Table 2 Median and interquartile range (IQR) of APD calculated in 13 selected brain regions for the comparison of V_{T_DASB_est} and V_{T_DASB45}; V_{T_HAR_est} and V_{T_HAR45}; V_{T_DASB90} vs V_{T_DASB45}; V_{T_HAR90} and V_{T_HAR45}.

The relation between V_T based on real and estimated data, i.e. V_{T_HAR_est} vs V_{T_HAR45} and V_{T_DASB_est} vs V_{T_DASB45} respectively, are shown in Fig. 5. When applying [¹¹C]DASB first (Fig. 5, left), V_T in ROIs for [¹¹C]harmine is underestimated, resulting in a correlation coefficient of r_xy = 0.46. In contrast, injection of [¹¹C]harmine first is resulting in rather similar V_T (r_xy = 0.90) in different ROIs for [¹¹C]DASB when comparing real and estimated values (Fig. 5, right).

Figure 5

Scatter plots showing the correlation between real and estimated V_T of the second tracer V_T, when [¹¹C]DASB is applied first (left) and when [¹¹C]harmine is applied first (right). All 13 ROIs considered for the analysis are shown in the figure label with different makes in different colours.

Follow up, comparison between the original scan protocol and 45 min long measurement unveiled a high correlation for both tracers used for simulation. Comparing V_{T_DASB90} to V_{T_DASB45} inferred r_xy = 0.95 (Suppl. Fig. 1, left), while comparison of V_{T_HAR90} to V_{T_HAR45} showed even higher correlation of r_xy = 0.98 (Suppl. Fig. 1 right).

Discussion

‘Two-in-one-pot’-synthesis

Exemplarily, this simultaneous production was successfully performed for the two commonly used brain PET-tracers, [¹¹C]harmine and [¹¹C]DASB. For the first time, two carbon-11 tracers were produced in a one-pot synthesis, without the need of splitting the [¹¹C]CH₃I upfront or the need of a second HPLC System. The synthesis in combination with the self-constructed module part was also successfully tested on the new GE TRACERlab™ FX2 C.

Any ¹¹C-methylation using [¹¹C]CH₃I occurs via a nucleophilic substitution (SN2 reaction) with iodide as leaving group. For the here described intermolecular reaction, two nucleophiles, a secondary alkyl amine for DASB and a phenolic hydroxide for harmine, compete for the sub-stoichiometric amount of [¹¹C]CH₃I. As all other reaction parameters are similar, the preferred product is only defined by the nucleophilicity of the reactant and kinetic considerations. The formation of both products in the same ratio was surprising as, in general, amines should be preferred over phenols considering their nucleophilicity. However, this equal substrate specificity could only be achieved by deprotonation of the phenolic hydroxy group with strong bases, such as NaOH. Also, other ‘two-in-one-pot’ reactions could be possible as long as the used tracers show similar reaction parameters.

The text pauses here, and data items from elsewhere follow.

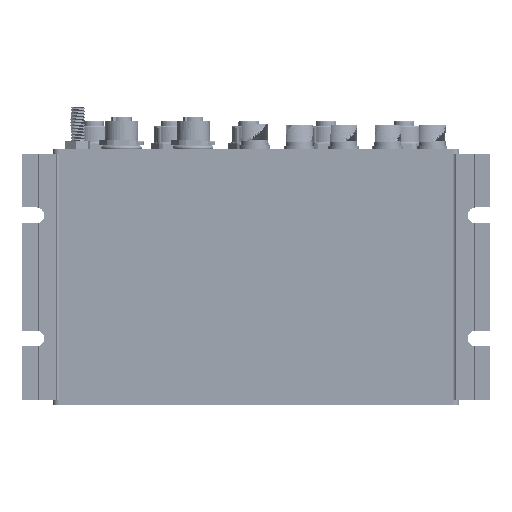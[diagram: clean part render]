
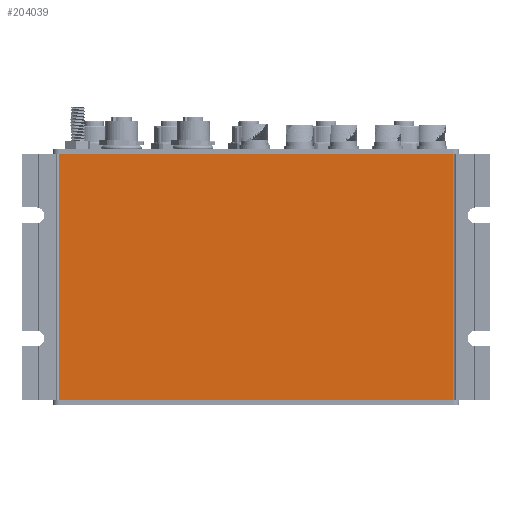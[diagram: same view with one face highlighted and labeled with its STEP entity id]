
A CAD part, front view. The second image highlights one B-rep face of the part: STEP entity #204039.
In plain terms, the highlighted planar face has unit normal (0, -1, 0).
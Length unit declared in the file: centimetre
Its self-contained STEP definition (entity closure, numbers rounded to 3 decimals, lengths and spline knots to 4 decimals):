
#13617=VERTEX_POINT('',#281028);
#13618=VERTEX_POINT('',#281030);
#13619=VERTEX_POINT('',#281034);
#13620=VERTEX_POINT('',#281036);
#34221=VECTOR('',#231024,1.);
#34222=VECTOR('',#231028,1.);
#34223=VECTOR('',#231029,1.);
#34224=VECTOR('',#231030,1.);
#60253=LINE('',#281029,#34221);
#60254=LINE('',#281033,#34222);
#60255=LINE('',#281035,#34223);
#60256=LINE('',#281037,#34224);
#86376=EDGE_CURVE('',#13618,#13617,#60253,.T.);
#86378=EDGE_CURVE('',#13617,#13619,#60254,.T.);
#86379=EDGE_CURVE('',#13620,#13619,#60255,.T.);
#86380=EDGE_CURVE('',#13618,#13620,#60256,.T.);
#117901=ORIENTED_EDGE('',*,*,#86378,.T.);
#117902=ORIENTED_EDGE('',*,*,#86379,.F.);
#117903=ORIENTED_EDGE('',*,*,#86380,.F.);
#117904=ORIENTED_EDGE('',*,*,#86376,.T.);
#180451=EDGE_LOOP('',(#117901,#117902,#117903,#117904));
#192245=FACE_BOUND('',#180451,.T.);
#204039=ADVANCED_FACE('',(#192245),#369879,.T.);
#214858=AXIS2_PLACEMENT_3D('',#281032,#231027,$);
#231024=DIRECTION('',(0.,0.,1.));
#231027=DIRECTION('',(0.,-1.,0.));
#231028=DIRECTION('',(-1.,0.,0.));
#231029=DIRECTION('',(0.,0.,1.));
#231030=DIRECTION('',(-1.,0.,0.));
#281028=CARTESIAN_POINT('',(17.5,0.1,10.));
#281029=CARTESIAN_POINT('',(17.5,0.1,0.));
#281030=CARTESIAN_POINT('',(17.5,0.1,0.));
#281032=CARTESIAN_POINT('',(9.5,0.1,0.));
#281033=CARTESIAN_POINT('',(17.5,0.1,10.));
#281034=CARTESIAN_POINT('',(1.5,0.1,10.));
#281035=CARTESIAN_POINT('',(1.5,0.1,0.));
#281036=CARTESIAN_POINT('',(1.5,0.1,0.));
#281037=CARTESIAN_POINT('',(17.5,0.1,0.));
#369879=PLANE('',#214858);

The two tracers can be processed together either for a parallel application in two patients (two PET scanners required for dynamic protocols) or time-shifted application in one patient. Both products can be collected in the same bulb and further processed through the original system (Fig. 6, commercial module). In general, this simultaneous radiopharmaceutical preparation led to a significant reduction of radiation burden (− 50%), operator time (− 50%), and overall costs (− 46.2%) in comparison to two single syntheses (100%).

Figure 6

Illustration of the DUAL-synthesis module. The first part contains the commercially available GE Tracerlab FX C Pro synthesizer, on which the first eluted product is further purified from the mobile phase and formulated for application. The second part includes the self-constructed unit, on which the processing of the second (eluted) product takes place (photo below). This part is controlled semi-automated. Sterile filtration is performed in a separate laminar air flow hot cell (not illustrated in this scheme).

Quality control

The adaption of the published QC RP-HPLC methods of the respective tracers to the QC DUAL involves an extension of the run time to 5 min, which is still 1 min shorter than using the two single methods consecutively. Furthermore, all potential radiochemical impurities and cross-contaminations of the different products can be detected with this slightly modified RP-HPLC assay. No cross-contamination of the radiotracers or other radiochemical impurities higher than 3% were detected, which meets European regulations for the application to patients. In conclusion, the quality of both radiopharmaceuticals produced via the DUAL method complied with the European Pharmacopeia (Eu. Phr.) criteria and were assessable in a single quality control method separating both products²².

Application to patients and controls

According to GMP regulations (Guidelines on Good Manufacturing Practices for radiopharmaceutical products)²³ one-pot synthesis production of two tracers with the same or different radiolabels is not directly prohibited. However, it is stated that ‘cross-contamination’ should be prevented by the adoption of feasible measures. Among other points it is stated: ‘avoiding the manufacture of different products at the same time, unless they are effectively segregated’. Consequently, the evidence for full separation must be proven for one-pot synthesis to comply with GMP standards.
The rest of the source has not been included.